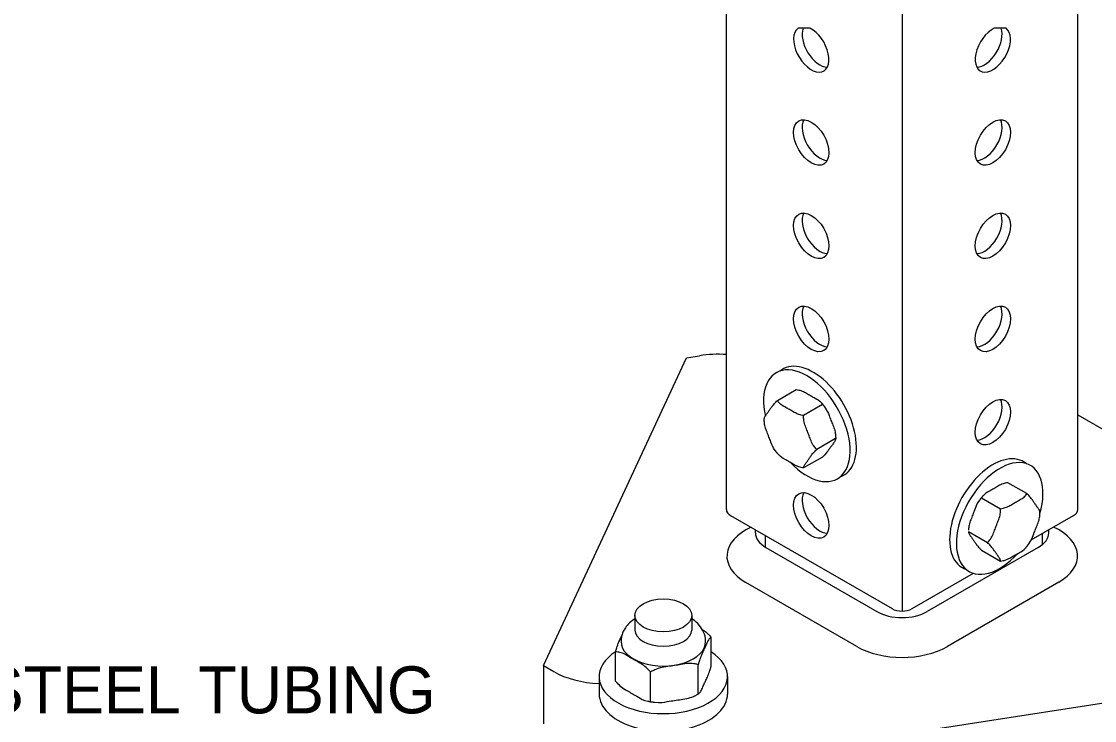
# Model space of a CAD drawing. Extents: x 99862 to 103151, y 99997 to 117076.
# Drawn here: x 101336 to 101701.2, y 104184 to 104421.9 of the extents above; entities that cross this region are included whole.
import ezdxf

# ---------------------------------------------------------------- set-up
doc = ezdxf.new("R2010")
doc.units = 0
for name, color, linetype in [('Level 12', 7, 'Continuous'), ('Level 13', 7, 'Continuous'), ('Level 20', 7, 'Continuous'), ('Level 4', 7, 'Continuous'), ('Level 6', 7, 'Continuous'), ('Level 7', 7, 'Continuous')]:
    doc.layers.add(name, color=color, linetype=linetype)

msp = doc.modelspace()

# ---------------------------------------------------------------- linework, layer by layer
at = {"layer": 'Level 12'}
for p, q in [((101544.75, 104219.75), (101544.75, 104214.78)), ((101564.17, 104219.75), (101564.17, 104214.78)), ((101570.71, 104202.43), (101570.71, 104212.34)), ((101538.21, 104197.4), (101538.21, 104207.31)), ((101566.35, 104193.02), (101566.35, 104202.96)), ((101532.61, 104198.93), (101532.61, 104192.98)), ((101550.1, 104190.41), (101550.1, 104200.45)), ((101576.31, 104198.93), (101576.31, 104192.98))]:
    msp.add_line(p, q, dxfattribs=at)
msp.add_ellipse((101554.46, 104219.75), major_axis=(-9.71, 0), ratio=0.57735, dxfattribs=at)
for centre, major_axis, ratio, start_param, end_param in [((101554.46, 104214.78), (9.71, 0), 0.566986, 3.141593, 6.283185), ((101554.46, 104210.82), (-14.39, 0), 0.57735, 6.283019, 9.424778), ((101554.46, 104198.93), (-21.85, 0), 0.57735, 5.549732, 10.157185), ((101554.46, 104192.98), (-21.85, 0), 0.57735, 0, 3.141593)]:
    msp.add_ellipse(centre, major_axis=major_axis, ratio=ratio, start_param=start_param, end_param=end_param, dxfattribs=at)
for points, degree in [([(101544.75, 104218.59), (101543.59, 104217.83), (101542.45, 104216.81), (101541.19, 104215.04), (101540.71, 104214.1), (101540.21, 104212.52), (101540.06, 104211.6), (101540.06, 104210.82)], 3), ([(101568.85, 104210.82), (101568.85, 104212.34), (101568.3, 104214.1), (101566.69, 104216.58), (101565.45, 104217.76), (101564.17, 104218.59)], 3), ([(101538.21, 104207.31), (101538.3, 104207.71), (101538.42, 104208.11), (101539.06, 104210.2), (101539.75, 104211.62), (101540.33, 104212.87)], 3), ([(101570.71, 104212.34), (101570.61, 104212.33), (101570.5, 104212.25), (101569.84, 104211.54), (101569.12, 104209.92), (101568.53, 104208.64), (101567.93, 104207.35), (101567.22, 104205.9), (101566.56, 104203.75), (101566.45, 104203.36), (101566.35, 104202.96)], 3), ([(101567.7, 104215), (101568.46, 104214.49), (101569.2, 104213.93), (101570.14, 104213.02), (101570.45, 104212.68), (101570.71, 104212.34)], 3), ([(101550.1, 104200.45), (101549.85, 104200.79), (101549.54, 104201.12), (101547.73, 104202.89), (101545.78, 104203.93), (101544.16, 104204.86), (101542.53, 104205.8), (101540.58, 104207.01), (101538.77, 104207.34), (101538.47, 104207.36), (101538.21, 104207.31)], 3), ([(101566.35, 104202.96), (101566, 104203.1), (101565.58, 104203.19), (101563.11, 104203.53), (101560.45, 104203.03), (101558.23, 104202.69), (101556.01, 104202.34), (101553.35, 104202.02), (101550.87, 104200.91), (101550.46, 104200.69), (101550.1, 104200.45)], 3), ([(101566.48, 104193.1), (101566.54, 104193.13), (101566.6, 104193.19), (101567.22, 104193.85), (101567.93, 104195.47), (101568.53, 104196.75), (101569.12, 104198.03), (101569.84, 104199.49), (101570.5, 104201.63), (101570.61, 104202.03), (101570.71, 104202.43)], 3), ([(101538.21, 104197.4), (101538.47, 104197.06), (101538.77, 104196.72), (101540.58, 104194.96), (101542.53, 104193.92), (101544.16, 104192.98), (101545.76, 104192.06), (101547.67, 104190.87), (101549.2, 104190.57)], 3), ([(101549.2, 104190.57), (101549.94, 104190.42), (101550.7, 104190.31), (101551.45, 104190.23)], 2), ([(101551.44, 104190.23), (101553.51, 104189.99), (101556.08, 104190.47), (101558.23, 104190.8), (101560.45, 104191.15), (101563.11, 104191.47), (101565.38, 104192.49), (101565.57, 104192.58), (101565.75, 104192.68)], 3), ([(101565.75, 104192.68), (101565.97, 104192.8), (101566.18, 104192.92), (101566.42, 104193.06), (101566.45, 104193.08), (101566.48, 104193.09)], 3)]:
    msp.add_open_spline(points, degree=degree, dxfattribs=at)
at = {"layer": 'Level 13'}
for p, q in [((101593.28, 104292.91), (101599.72, 104296.63)), ((101608.64, 104291.48), (101602.2, 104287.76)), ((101613.1, 104279.98), (101606.66, 104276.26)), ((101608.64, 104273.63), (101602.2, 104269.92)), ((101678.16, 104261.19), (101671.72, 104264.91)), ((101662.8, 104259.76), (101669.24, 104256.04)), ((101658.34, 104248.26), (101664.78, 104244.54)), ((101662.8, 104241.91), (101669.24, 104238.2))]:
    msp.add_line(p, q, dxfattribs=at)
for centre, major_axis, start_param, end_param in [((101603.31, 104284.28), (-10.41, 18.04), 1.967918, 7.358322), ((101605.45, 104285.49), (-10.41, 18.04), 3.035348, 6.38194), ((101666.62, 104254.02), (-10.41, -18.04), 3.042453, 6.404476), ((101668.94, 104252.74), (-10.41, -18.04), 1.979054, 7.498424)]:
    msp.add_ellipse(centre, major_axis=major_axis, ratio=0.57735, start_param=start_param, end_param=end_param, dxfattribs=at)
for points, degree in [([(101599.72, 104296.63), (101600.04, 104296.59), (101600.37, 104296.51), (101602.19, 104296), (101603.6, 104295.12), (101604.82, 104294.42), (101606.02, 104293.73), (101607.51, 104292.93), (101608.28, 104292.05)], 3), ([(101588.8, 104286.66), (101588.81, 104286.72), (101588.82, 104286.78), (101589.02, 104287.43), (101589.8, 104288.5), (101590.41, 104289.37), (101591.02, 104290.23), (101591.7, 104291.24), (101592.84, 104292.48), (101593.06, 104292.7), (101593.28, 104292.91)], 3), ([(101602.2, 104287.76), (101601.88, 104287.8), (101601.55, 104287.87), (101599.73, 104288.38), (101598.32, 104289.26), (101597.1, 104289.96), (101595.88, 104290.67), (101594.37, 104291.48), (101593.48, 104292.53), (101593.35, 104292.72), (101593.28, 104292.91)], 3), ([(101608.27, 104292.05), (101608.65, 104291.62), (101609.01, 104291.17), (101609.34, 104290.72)], 2), ([(101609.34, 104290.72), (101610.27, 104289.46), (101610.92, 104287.62), (101611.51, 104286.1), (101612.12, 104284.53), (101612.91, 104282.67), (101613.1, 104280.82), (101613.11, 104280.66), (101613.11, 104280.51)], 3), ([(101588.81, 104286.03), (101588.8, 104286.22), (101588.8, 104286.4), (101588.8, 104286.61), (101588.8, 104286.64), (101588.8, 104286.66)], 3), ([(101592.58, 104275.82), (101591.65, 104277.08), (101591, 104278.92), (101590.41, 104280.45), (101589.8, 104282.02), (101589.02, 104283.87), (101588.82, 104285.72), (101588.81, 104285.88), (101588.81, 104286.03)], 3), ([(101606.66, 104276.26), (101606.44, 104276.44), (101606.22, 104276.68), (101605.08, 104278.15), (101604.4, 104280.07), (101603.79, 104281.64), (101603.18, 104283.21), (101602.4, 104285.06), (101602.19, 104287.08), (101602.17, 104287.43), (101602.2, 104287.76)], 3), ([(101613.12, 104279.88), (101613.12, 104279.83), (101613.1, 104279.76), (101612.91, 104279.11), (101612.12, 104278.04), (101611.51, 104277.18), (101610.9, 104276.31), (101610.23, 104275.3), (101609.08, 104274.07), (101608.86, 104273.84), (101608.64, 104273.63)], 3), ([(101613.11, 104280.51), (101613.12, 104280.32), (101613.12, 104280.14), (101613.12, 104279.93), (101613.12, 104279.91), (101613.12, 104279.88)], 3), ([(101593.65, 104274.49), (101593.27, 104274.92), (101592.91, 104275.37), (101592.58, 104275.82)], 2), ([(101602.2, 104269.92), (101601.88, 104269.95), (101601.55, 104270.03), (101599.73, 104270.54), (101598.32, 104271.42), (101597.1, 104272.12), (101595.9, 104272.81), (101594.41, 104273.61), (101593.65, 104274.49)], 3), ([(101602.2, 104269.92), (101602.17, 104269.98), (101602.19, 104270.09), (101602.4, 104270.78), (101603.18, 104271.85), (101603.79, 104272.72), (101604.4, 104273.59), (101605.08, 104274.59), (101606.22, 104275.83), (101606.44, 104276.05), (101606.66, 104276.26)], 3), ([(101671.72, 104264.91), (101671.4, 104264.87), (101671.07, 104264.79), (101669.24, 104264.28), (101667.84, 104263.4), (101666.62, 104262.7), (101665.42, 104262.01), (101663.93, 104261.21), (101663.16, 104260.33)], 3), ([(101663.16, 104260.33), (101662.79, 104259.9), (101662.43, 104259.45), (101662.1, 104259)], 2), ([(101669.24, 104256.04), (101669.56, 104256.08), (101669.89, 104256.15), (101671.71, 104256.66), (101673.12, 104257.54), (101674.34, 104258.24), (101675.56, 104258.95), (101677.07, 104259.76), (101677.96, 104260.81), (101678.09, 104261), (101678.16, 104261.19)], 3), ([(101682.64, 104254.94), (101682.63, 104255), (101682.62, 104255.06), (101682.42, 104255.71), (101681.64, 104256.78), (101681.03, 104257.65), (101680.42, 104258.51), (101679.74, 104259.52), (101678.6, 104260.76), (101678.38, 104260.98), (101678.16, 104261.19)], 3), ([(101662.1, 104259), (101661.17, 104257.74), (101660.52, 104255.9), (101659.93, 104254.38), (101659.32, 104252.81), (101658.53, 104250.96), (101658.34, 104249.1), (101658.33, 104248.94), (101658.32, 104248.79)], 3), ([(101664.78, 104244.54), (101665, 104244.72), (101665.22, 104244.96), (101666.36, 104246.44), (101667.04, 104248.35), (101667.65, 104249.92), (101668.26, 104251.49), (101669.04, 104253.34), (101669.25, 104255.36), (101669.27, 104255.72), (101669.24, 104256.04)], 3), ([(101678.86, 104244.1), (101679.79, 104245.36), (101680.44, 104247.2), (101681.03, 104248.73), (101681.64, 104250.3), (101682.42, 104252.15), (101682.62, 104254), (101682.63, 104254.16), (101682.63, 104254.31)], 3), ([(101682.63, 104254.31), (101682.64, 104254.5), (101682.64, 104254.69), (101682.64, 104254.89), (101682.64, 104254.92), (101682.64, 104254.94)], 3), ([(101658.32, 104248.16), (101658.32, 104248.11), (101658.34, 104248.05), (101658.53, 104247.39), (101659.32, 104246.32), (101659.93, 104245.46), (101660.54, 104244.59), (101661.21, 104243.58), (101662.36, 104242.35), (101662.58, 104242.12), (101662.8, 104241.91)], 3), ([(101669.24, 104238.2), (101669.27, 104238.26), (101669.25, 104238.37), (101669.04, 104239.06), (101668.26, 104240.13), (101667.65, 104241), (101667.04, 104241.87), (101666.36, 104242.87), (101665.22, 104244.11), (101665, 104244.33), (101664.78, 104244.54)], 3), ([(101669.24, 104238.2), (101669.56, 104238.24), (101669.89, 104238.31), (101671.71, 104238.82), (101673.12, 104239.7), (101674.34, 104240.4), (101675.54, 104241.09), (101677.03, 104241.89), (101677.79, 104242.77)], 3), ([(101677.79, 104242.77), (101678.17, 104243.2), (101678.53, 104243.65), (101678.86, 104244.1)], 2)]:
    msp.add_open_spline(points, degree=degree, dxfattribs=at)
at = {"layer": 'Level 4'}
for p, q in [((101575.92, 104255.76), (101575.92, 104667.63)), ((101695.52, 104255.76), (101695.52, 104667.63)), ((101635.72, 104633.1), (101635.72, 104221.24)), ((101577.35, 104253.78), (101632.29, 104222.06)), ((101679.67, 104245.45), (101694.09, 104253.78)), ((101589.15, 104246.96), (101589.15, 104243)), ((101683.34, 104247.57), (101683.34, 104243.73)), ((101639.15, 104222.06), (101659.97, 104234.08))]:
    msp.add_line(p, q, dxfattribs=at)
for points in [[(101604.35, 104419.56), (101600.3, 104419.56)], [(101671.13, 104419.56), (101667.09, 104419.56)]]:
    msp.add_lwpolyline(points, dxfattribs=at)
for centre, major_axis, start_param, end_param in [((101604.82, 104412.38), (4.25, -7.36), 3.205374, 8.717496), ((101607.7, 104414.04), (-4.25, 7.36), 0.456794, 2.795302), ((101666.62, 104412.38), (-4.25, -7.36), 3.848875, 9.360997), ((101663.74, 104414.04), (4.25, 7.36), 3.487884, 5.826391), ((101607.7, 104382.32), (-4.25, 7.36), 0.346291, 2.795302), ((101663.74, 104382.32), (4.25, 7.36), 3.487884, 5.936894), ((101607.7, 104350.6), (-4.25, 7.36), 0.346291, 2.795302), ((101663.74, 104350.6), (4.25, 7.36), 3.487884, 5.936894), ((101607.7, 104318.88), (-4.25, 7.36), 0.346291, 2.795302), ((101663.74, 104318.88), (4.25, 7.36), 3.487884, 5.936894), ((101663.74, 104287.16), (4.25, 7.36), 3.487884, 5.936894), ((101607.7, 104255.44), (-4.25, 7.36), 0.346291, 2.795302), ((101580.78, 104255.76), (4.86, 0), 3.141593, 3.926991), ((101690.66, 104255.76), (4.86, 0), 5.497787, 6.283185), ((101635.72, 104224.04), (4.86, 0), 3.926991, 5.497787)]:
    msp.add_ellipse(centre, major_axis=major_axis, ratio=0.57735, start_param=start_param, end_param=end_param, dxfattribs=at)
for centre, major_axis in [((101604.82, 104380.66), (4.25, -7.36)), ((101666.62, 104380.66), (-4.25, -7.36)), ((101604.82, 104348.94), (4.25, -7.36)), ((101666.62, 104348.94), (-4.25, -7.36)), ((101604.82, 104317.22), (4.25, -7.36)), ((101666.62, 104317.22), (-4.25, -7.36)), ((101666.62, 104285.5), (-4.25, -7.36)), ((101604.82, 104253.78), (4.25, -7.36))]:
    msp.add_ellipse(centre, major_axis=major_axis, ratio=0.57735, dxfattribs=at)
at = {"layer": 'Level 6'}
for p, q in [((101513.69, 104202.65), (101562.3, 104307.39)), ((101562.3, 104307.39), (101566.81, 104308.09)), ((101695.52, 104287.98), (101773.66, 104242.87)), ((101513.69, 104202.65), (101513.69, 104182.82)), ((101513.69, 104202.65), (101517.21, 104200.61)), ((101571.2, 104169.44), (101752.61, 104197.51))]:
    msp.add_line(p, q, dxfattribs=at)
for centre, start_param, end_param in [((101573.39, 104294.59), 4.607904, 4.987015), ((101534.38, 104210.53), 0.785398, 1.497693)]:
    msp.add_ellipse(centre, major_axis=(-24.28, 0), ratio=0.57735, start_param=start_param, end_param=end_param, dxfattribs=at)
at = {"layer": 'Level 7'}
for p, q in [((101585.81, 104247.83), (101585.81, 104248.89)), ((101685.63, 104247.83), (101685.63, 104248.89)), ((101589.36, 104242.87), (101627.14, 104221.07)), ((101682.08, 104242.87), (101644.3, 104221.07)), ((101620.27, 104209.17), (101582.5, 104230.98)), ((101689.04, 104231.03), (101651.17, 104209.17))]:
    msp.add_line(p, q, dxfattribs=at)
for centre, major_axis, start_param, end_param in [((101597.95, 104239.9), (-21.85, 0), 5.386446, 7.068583), ((101673.59, 104239.96), (-21.85, 0), 2.356194, 4.038332), ((101597.95, 104247.83), (-12.14, 0), 0, 0.785398), ((101673.49, 104247.83), (-12.14, 0), 2.356194, 3.141593), ((101635.72, 104226.02), (-12.14, 0), 0.785398, 2.356194), ((101635.72, 104218.09), (-21.85, 0), 0.785398, 2.356194)]:
    msp.add_ellipse(centre, major_axis=major_axis, ratio=0.57735, start_param=start_param, end_param=end_param, dxfattribs=at)

# ---------------------------------------------------------------- texts
at = {"layer": 'Level 20'}
msp.add_text('STEEL TUBING', height=16, dxfattribs=at).set_placement((101322.47, 104186.41))

doc.saveas('drawing.dxf')

Task to complete ▸
Where "name" occurs in a line of the data above, count that line. Give the final count and no other words.

Answer box ▸
2